Клеточные и иммунные изменения в стенке матки, которые определяют успех или неудачу имплантации, представляют собой чрезвычайно сложный феномен, который в настоящее время вызывает пристальный интерес исследователей – и немалые разногласия в их среде. Значительная часть наших знаний об этих явлениях получена благодаря экспериментам на мышах, и не всегда известно, в какой степени их можно экстраполировать на людей. Тем не менее становится очевидным, что нарушение процесса децидуализации, затрагивающее нарушение дифференциации фибробластов стромы в децидуальные клетки, не только влияет на способность женского организма обеспечить надлежащую проверку и имплантацию эмбриона, но и создает предпосылки для дальнейших патологий беременности, таких как ранний выкидыш и преэклампсия.

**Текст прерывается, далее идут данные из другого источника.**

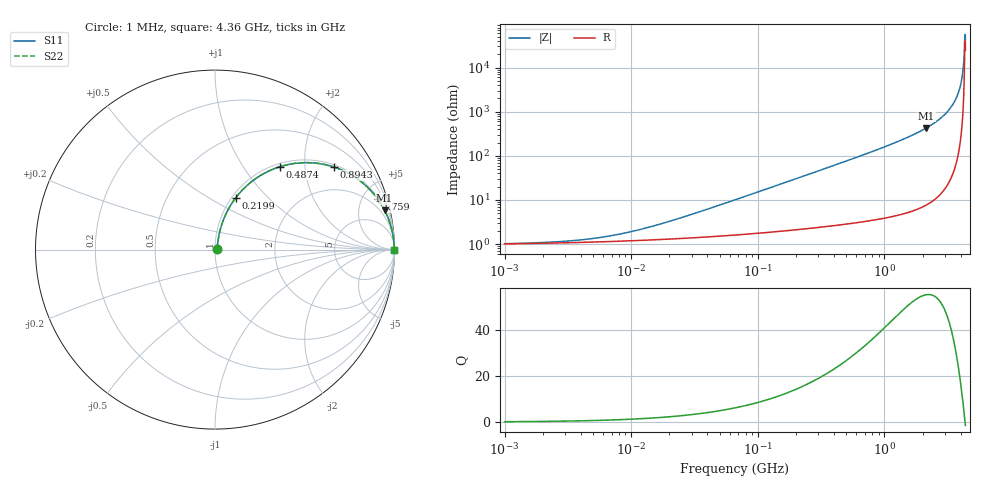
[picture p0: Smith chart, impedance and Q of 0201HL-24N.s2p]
# MHz  S  MA  R  50
!Freq  MagS11  AngS11  MagS21  AngS21  MagS12  AngS12  MagS22  AngS22
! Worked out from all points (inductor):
!   844 points, 1 MHz to 4.36 GHz, reference 50 ohm
!   read as one part in series: L = 24 nH near 27.21 MHz
!   highest Q = 55.5 at 2.147 GHz (marker M1), where L = 31.8 nH
!   self-resonance near 4.308 GHz
!   S11 on the Smith chart (normalised r, x): 1 MHz: 1.02, +0.00; 219.9 MHz: 1.04, +0.66; 487.4 MHz: 1.06, +1.49; 894.3 MHz: 1.07, +2.82; 1.759 GHz: 1.12, +6.35; 4.36 GHz: open
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1  0.01014 8.4  0.99 -0.1  0.99 -0.1  0.01014 8.4
4.06737  0.01244 28.8  0.9891 -0.3  0.9891 -0.3  0.01244 28.8
8.081435  0.01668 45.5  0.9884 -0.7  0.9884 -0.7  0.01668 45.5
16.3797  0.02741 61.4  0.9872 -1.4  0.9872 -1.4  0.02741 61.4
66.62232  0.09967 75.2  0.9794 -5.6  0.9794 -5.6  0.09967 75.2
219.8794  0.31 68.2  0.9307 -18.0  0.9307 -18.0  0.31 68.2
268.2947  0.3696 65.1  0.9085 -21.7  0.9085 -21.7  0.3696 65.1
487.4101  0.5868 51.9  0.7878 -35.9  0.7878 -35.9  0.5868 51.9
663.5247  0.7049 43.4  0.6877 -44.8  0.6877 -44.8  0.7049 43.4
894.331  0.8057 34.9  0.5718 -53.7  0.5718 -53.7  0.8057 34.9
1080.449  0.8581 29.6  0.4938 -59.1  0.4938 -59.1  0.8581 29.6
1759.348  0.9488 17.4  0.2986 -71.6  0.2986 -71.6  0.9488 17.4
2146.739  0.97 13.1  0.2261 -75.9  0.2261 -75.9  0.97 13.1
3010.966  0.9913 6.5  0.1129 -82.3  0.1129 -82.3  0.9913 6.5
3359.24  0.995 4.5  0.0784 -84.1  0.0784 -84.1  0.995 4.5
3673.951  0.997 2.9  0.05063 -85.2  0.05063 -85.2  0.997 2.9
3899.973  0.998 1.8  0.03228 -85.5  0.03228 -85.5  0.998 1.8
4058.328  0.9984 1.1  0.0201 -84.8  0.0201 -84.8  0.9984 1.1
4098.911  0.9985 1.0  0.01707 -84.3  0.01707 -84.3  0.9985 1.0
4223.112  0.9986 0.5  0.007994 -79.9  0.007994 -79.9  0.9986 0.5
4351.077  0.9987 -0.1  0.001783 44.1  0.001783 44.1  0.9987 -0.1
4360  0.9987 -0.1  0.002262 55.6  0.002262 55.6  0.9987 -0.1

Бросенс и его коллеги Мадхури Салкер, Шивон Квинби, Гейс Текленбург и другие постарались изучить процесс децидуализации в мельчайших подробностях. Оказалось, что важнейшую роль в нем играет один из представителей семейства провоспалительных цитокинов, известный как интерлейкин 33 (ИЛ-33). Как мы уже знаем, высокий уровень прогестерона запускает дифференциацию стромальных клеток в децидуальные. Когда клетки начинают дифференцироваться, они секретируют интерлейкин 33 и связывают его с рецепторной молекулой STL2, что позволяет им запустить в стенке матки выработку целого коктейля из хемокинов, цитокинов, С-реактивного белка и других воспалительных факторов. Это временное воспаление является необходимой прелюдией к имплантации, поскольку оно включает целый ряд генов, отвечающих за восприимчивость матки. Данное воспаление носит самоограничивающийся характер, поскольку, как только процесс децидуализации завершается, эти клетки активируют петлю обратной связи и начинают производить рецептор-ловушку для интерлейкина 33, который называется sST2. Такой маневр позволяет эффективно нейтрализовать интерлейкин 33 и прекратить воспалительную реакцию. Когда исследователи сравнили активность генов, кодирующих рецепторную молекулу STL2, в стромальных клеточных культурах, взятых у здоровых женщин и женщин, страдающих привычным невынашиванием беременности, они обнаружили одну интересную вещь: первоначально уровень продуцирования STL2 повышался во всех случаях, но у здоровых женщин он снижался через два дня после начала децидуализации, тогда как у второй группы женщин он оставался высоким на протяжении восьми дней после запуска децидуализации, а уровень производства рецепторов-приманок sST2, наоборот, был значительно ниже. Хотя у этих женщин происходила имплантация эмбрионов, кумулятивные воспалительные эффекты, вызванные более продолжительной выработкой воспалительных цитокинов и STL2, создавали очень враждебную среду для эмбрионов, поскольку децидуальная ткань была повреждена и наполнена иммунными атакующими клетками.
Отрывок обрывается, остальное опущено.